By definition, a problem needs a solution. I agree with Posner that the answer has to come from the board and appreciate his support for more legitimate and robust elections and hope he will recognize that this “effort to solve it” cannot be postponed.

July 7, 2009

Is Risk Management of Compensation Really New?

Steven Hall, Steven Hall & Partners

The “newest old thing” these days is designing compensation plans that do not encourage excessive risk taking. “Experts” have identified risk as the hottest emerging issue for compensation committees, stating that “we” do not yet know how to create the proper relationship between pay and risk.

I fully agree that the word “risk” has never been used more in compensation committee meetings than in the last six months, but that doesn’t mean the concept is new. In fact, responsible directors have considered the risks and potential impact, good and bad, of every pay decision for decades.

While not explicitly termed “risk assessment” each time a salary increase is considered, or a short- or long-term incentive plan is adopted or modified, management and boards consider the risks associated with their actions, or lack of action. But in the old days, the considered risk was how decisions would impact the company, its operating results and stockholders. Now boards are confronted with the added risk of how regulators, legislators and the public will view their decisions, today and tomorrow, with the added benefit of 20-20 hindsight.

Debate continues as to whether Wall Street and its regulators had the proper controls to manage risk. However, it was aggressive business plans, approved by directors, which led to the highly-leveraged positions fatal to some firms. Compensation programs implemented to support such business plans were not the drivers of risk, but rather were designed to incent plan achievement.

Ironically, Wall Street has been down this road before. About twenty years ago, Wall Street recognized the high risk to shareholders if executives were paid solely in cash for short-term results achieved in a manner detrimental to the long-term success of the firm. Sound familiar? In response, Wall Street firms began to pay part of annual bonuses in shares subject to future price fluctuations. Therefore, if an individual earned an annual bonus through actions that were not in the best interests of customers, those customers would leave and, as the business suffered, so would the stock price on shares held by executives.

Additionally, such deferred payouts served as a retention tool, as well as creating significant ownership and shareholder alignment. It is clear from the losses realized by executives at Bear Stearns and Lehman Brothers that there was significant “skin in the game,” a fact that should have counterbalanced any desire to take risky positions only to generate short-term payments. Sometimes businesses make bad decisions, and pay has nothing to do with it. Given the investment these employees had in their firms, it is difficult to believe how compensation plans alone created a high risk culture.
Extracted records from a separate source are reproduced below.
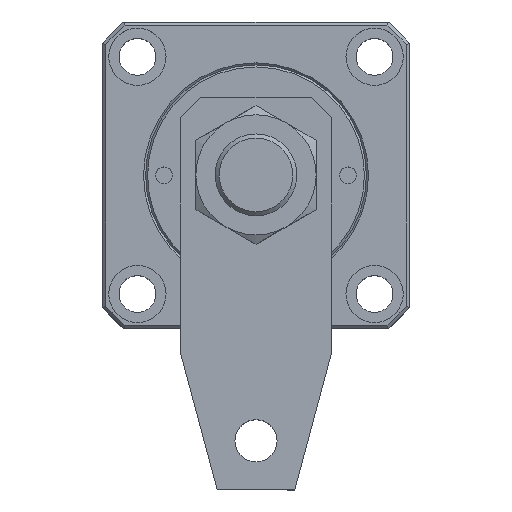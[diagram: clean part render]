
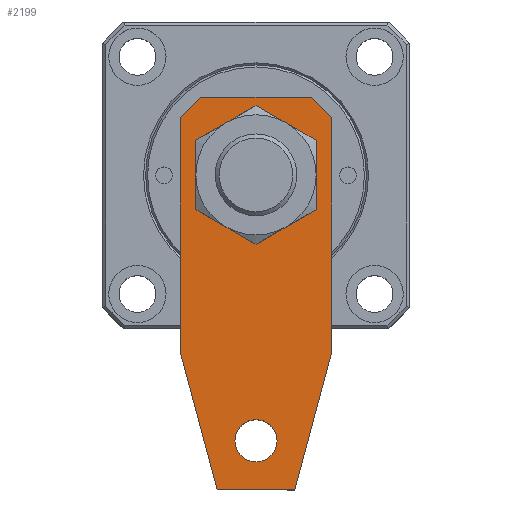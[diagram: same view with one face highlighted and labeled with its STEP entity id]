
A CAD part, top view. The second image highlights one B-rep face of the part: STEP entity #2199.
In plain terms, the highlighted planar face has unit normal (0, 0, 1).
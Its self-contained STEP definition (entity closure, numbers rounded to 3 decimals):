
#109=LINE('',#3319,#163);
#113=LINE('',#3328,#167);
#116=LINE('',#3334,#170);
#119=LINE('',#3340,#173);
#122=LINE('',#3346,#176);
#125=LINE('',#3352,#179);
#128=LINE('',#3358,#182);
#131=LINE('',#3364,#185);
#163=VECTOR('',#2784,1000.);
#167=VECTOR('',#2790,1000.);
#170=VECTOR('',#2795,1000.);
#173=VECTOR('',#2800,1000.);
#176=VECTOR('',#2805,1000.);
#179=VECTOR('',#2810,1000.);
#182=VECTOR('',#2815,1000.);
#185=VECTOR('',#2820,1000.);
#259=PLANE('',#2400);
#597=ORIENTED_EDGE('',*,*,#788,.F.);
#598=ORIENTED_EDGE('',*,*,#789,.F.);
#599=ORIENTED_EDGE('',*,*,#762,.T.);
#600=ORIENTED_EDGE('',*,*,#766,.T.);
#601=ORIENTED_EDGE('',*,*,#769,.T.);
#602=ORIENTED_EDGE('',*,*,#772,.T.);
#603=ORIENTED_EDGE('',*,*,#775,.T.);
#604=ORIENTED_EDGE('',*,*,#778,.T.);
#605=ORIENTED_EDGE('',*,*,#781,.T.);
#606=ORIENTED_EDGE('',*,*,#784,.T.);
#762=EDGE_CURVE('',#897,#898,#109,.T.);
#766=EDGE_CURVE('',#898,#901,#113,.T.);
#769=EDGE_CURVE('',#901,#903,#116,.T.);
#772=EDGE_CURVE('',#903,#905,#119,.T.);
#775=EDGE_CURVE('',#905,#907,#122,.T.);
#778=EDGE_CURVE('',#907,#909,#125,.T.);
#781=EDGE_CURVE('',#909,#911,#128,.T.);
#784=EDGE_CURVE('',#911,#897,#131,.T.);
#788=EDGE_CURVE('',#915,#915,#998,.T.);
#789=EDGE_CURVE('',#916,#916,#999,.T.);
#897=VERTEX_POINT('',#3320);
#898=VERTEX_POINT('',#3321);
#901=VERTEX_POINT('',#3329);
#903=VERTEX_POINT('',#3335);
#905=VERTEX_POINT('',#3341);
#907=VERTEX_POINT('',#3347);
#909=VERTEX_POINT('',#3353);
#911=VERTEX_POINT('',#3359);
#915=VERTEX_POINT('',#3373);
#916=VERTEX_POINT('',#3375);
#998=CIRCLE('',#2401,5.15);
#999=CIRCLE('',#2402,10.5);
#1157=EDGE_LOOP('',(#597));
#1158=EDGE_LOOP('',(#598));
#1159=EDGE_LOOP('',(#599,#600,#601,#602,#603,#604,#605,#606));
#1323=FACE_BOUND('',#1157,.T.);
#1324=FACE_BOUND('',#1158,.T.);
#1325=FACE_BOUND('',#1159,.T.);
#2199=ADVANCED_FACE('',(#1323,#1324,#1325),#259,.F.);
#2400=AXIS2_PLACEMENT_3D('',#3371,#2828,#2829);
#2401=AXIS2_PLACEMENT_3D('',#3372,#2830,#2831);
#2402=AXIS2_PLACEMENT_3D('',#3374,#2832,#2833);
#2784=DIRECTION('',(-0.707,0.707,0.));
#2790=DIRECTION('',(-1.,0.,0.));
#2795=DIRECTION('',(-0.966,-0.259,0.));
#2800=DIRECTION('',(0.,-1.,0.));
#2805=DIRECTION('',(0.966,-0.259,0.));
#2810=DIRECTION('',(1.,0.,0.));
#2815=DIRECTION('',(0.707,0.707,0.));
#2820=DIRECTION('',(0.,1.,0.));
#2828=DIRECTION('',(0.,0.,-1.));
#2829=DIRECTION('',(0.,1.,0.));
#2830=DIRECTION('',(0.,0.,1.));
#2831=DIRECTION('',(1.,0.,0.));
#2832=DIRECTION('',(0.,0.,1.));
#2833=DIRECTION('',(1.,0.,0.));
#3319=CARTESIAN_POINT('',(43.,37.,10.));
#3320=CARTESIAN_POINT('',(48.,32.,10.));
#3321=CARTESIAN_POINT('',(43.,37.,10.));
#3328=CARTESIAN_POINT('',(43.,37.,10.));
#3329=CARTESIAN_POINT('',(-14.412,37.,10.));
#3334=CARTESIAN_POINT('',(-48.,28.,10.));
#3335=CARTESIAN_POINT('',(-48.,28.,10.));
#3340=CARTESIAN_POINT('',(-48.,28.,10.));
#3341=CARTESIAN_POINT('',(-48.,9.,10.));
#3346=CARTESIAN_POINT('',(-48.,9.,10.));
#3347=CARTESIAN_POINT('',(-14.412,0.,10.));
#3352=CARTESIAN_POINT('',(-14.412,0.,10.));
#3353=CARTESIAN_POINT('',(43.,0.,10.));
#3358=CARTESIAN_POINT('',(43.,0.,10.));
#3359=CARTESIAN_POINT('',(48.,5.,10.));
#3364=CARTESIAN_POINT('',(48.,5.,10.));
#3371=CARTESIAN_POINT('',(0.,0.,10.));
#3372=CARTESIAN_POINT('',(-36.,18.5,10.));
#3373=CARTESIAN_POINT('',(-30.85,18.5,10.));
#3374=CARTESIAN_POINT('',(29.,18.5,10.));
#3375=CARTESIAN_POINT('',(39.5,18.5,10.));

Let’s be clear – risk assessment should be an important part of every pay-related decision made by compensation committees. Specifically, assessment should focus on:

– Whether performance goals are fair and reasonable in light of past performance, market conditions and the competition. Are they based on a thorough review process by the full board that defines the pay for performance range from minimally acceptable to exceptional?

– Consideration of unintended consequences. Could the pay program create an incentive for behavior that rewards executives, while detrimental to the company and its shareholders? Has the probability of a black swan been considered?

– Will the compensation program address the often unmentioned risk that the firm may not be able to attract, retain and motivate executives essential to the firm’s success?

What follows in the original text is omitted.